When an even closer look is taken, it seems that Gingrich and Santorum are the candidates whose supporters are most favorable of the other, meaning it is most likely that if anyone is splitting a certain voting bloc, it is the two of them, and either stands the greatest chance of a significant bump from a candidate's exit, should the other decide to drop out – though that seems unlikely in either case at least right now.
Congressman Ron Paul's supporters poll as the least flexible, indicating that their support would be least likely to go to another candidate, should he exit the race. It also means that his supporters are least likely to flea in light of a bad performance in states like South Carolina or Florida, where he lacks broad support, which could help him on February 28 when both Michigan and Arizona go to the polls – two states where Paul has polled well.

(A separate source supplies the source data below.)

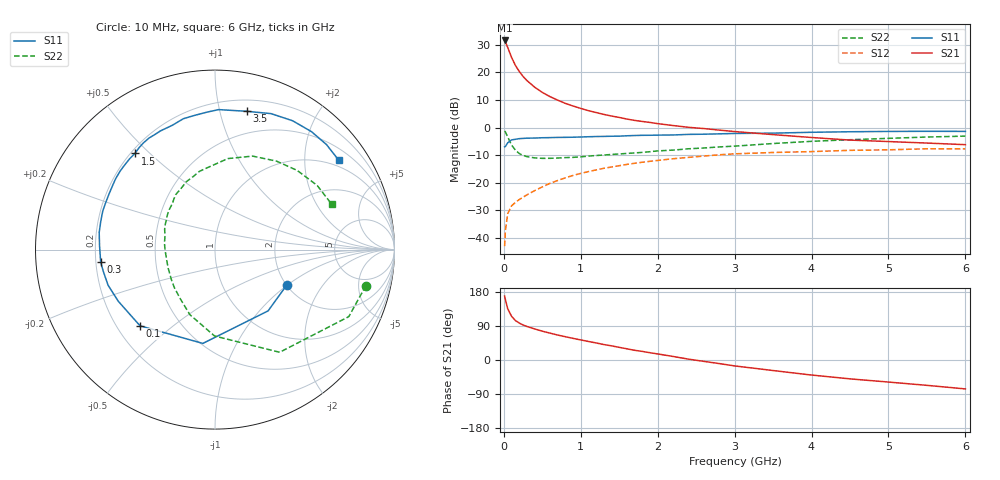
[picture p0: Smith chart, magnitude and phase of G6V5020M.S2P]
! SIEMENS Small Signal Semiconductors
! BFG193
! Si NPN RF Bipolar Junction Transistor in SOT223
! VCE = 0.5 V  IC = 20 mA
! Common Emitter S-Parameters:  August  1996
# GHz  S  MA  R  50
!  f  S11  S21  S12  S22
! GHz  MAG  ANG  MAG  ANG  MAG  ANG  MAG  ANG
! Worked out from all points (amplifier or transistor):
!   36 points, 10 MHz to 6 GHz, reference 50 ohm
!   highest |S21| = 31.6 dB at 10 MHz (marker M1)
!   |S21| within 3 dB of that: start of sweep to 56.64 MHz
!   unconditionally stable (mu >= 1): 468.3 MHz to end of sweep
!   at 250 MHz: K = 0.80, MSG = 21.9 dB, |S12| = -25.3 dB
!   at 1.4 GHz: K = 1.11, MAG = 7.2 dB, |S12| = -14.3 dB
!   at 6 GHz: K = 1.02, MAG = -0.1 dB, |S12| = -7.8 dB
!   S11 on the Smith chart (normalised r, x): 10 MHz: 2.02, -0.99; 100 MHz: 0.29, -0.39; 300 MHz: 0.22, -0.05; 1.5 GHz: 0.22, +0.45; 3.5 GHz: 0.30, +1.21; 6 GHz: 0.80, +2.90
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0.01  0.4464 -26.0  38.13 168.8  0.007 80.7  0.8644 -13.4
0.02  0.4518 -49.1  36.23 159.4  0.0134 74.9  0.8338 -26.6
0.05  0.5271 -97.4  28.52 135.4  0.0272 57.0  0.676 -57.8
0.1  0.5956 -134.5  18.83 115.5  0.0377 47.3  0.4813 -90.3
0.15  0.6109 -151.9  13.46 104.2  0.0438 45.6  0.3887 -111.1
0.2  0.628 -161.6  10.46 97.5  0.0491 46.4  0.3375 -124.4
0.25  0.634 -169.0  8.463 92.4  0.0543 48.3  0.311 -136.5
0.3  0.6408 -173.7  7.133 88.5  0.0599 49.5  0.2963 -144.6
0.4  0.6436 178.1  5.412 82.0  0.0713 51.5  0.2808 -158.1
0.5  0.6522 171.6  4.344 76.1  0.0835 52.0  0.2754 -168.0
0.6  0.6557 166.1  3.64 70.9  0.0969 52.1  0.2759 -175.4
0.7  0.6613 161.0  3.14 65.9  0.1091 51.6  0.2795 178.3
0.8  0.6629 156.5  2.745 61.4  0.1219 50.3  0.2843 172.2
1.1  0.68 144.5  2.024 48.9  0.1584 45.8  0.3026 158.0
1.5  0.6971 129.8  1.525 33.4  0.2026 36.9  0.331 142.6
1.7  0.7157 123.9  1.346 25.6  0.2241 32.8  0.3455 134.7
2.2  0.7324 108.9  1.087 9.3  0.271 20.4  0.389 119.3
3  0.7802 88.5  0.845 -15.6  0.3328 1.3  0.4589 95.1
3.5  0.7908 77.0  0.743 -27.8  0.3521 -11.6  0.512 82.0
4.5  0.8381 58.9  0.591 -49.8  0.3853 -30.3  0.6004 55.2
5.5  0.8534 43.3  0.522 -66.9  0.4115 -51.8  0.6721 32.2
6  0.8506 35.8  0.488 -76.3  0.4083 -64.0  0.6978 21.2

Mitt Romney seems to have a certain base of supporters that sits beneath a flexible amount of lukewarm support that was ready to rally behind him as the presumptive candidate, while remaining open to nearly any scenario where they feel they can viably nominate someone else. Romney has suffered large and almost continuous fluctuations in the polls that seem to have less to do with him, then the desire to audition alternatives.
If Gingrich wins Florida by a margin similar to the Rasmussen poll, that leaves Governor Romney one for four in the early primaries, which might be all Republicans need to fully swallow the notion that he's unelectable in a general election. At the same time, if poor performances in the next couple of contests by Santorum do manage to cause his exit, it might be enough to help the surging Gingrich pull away for good.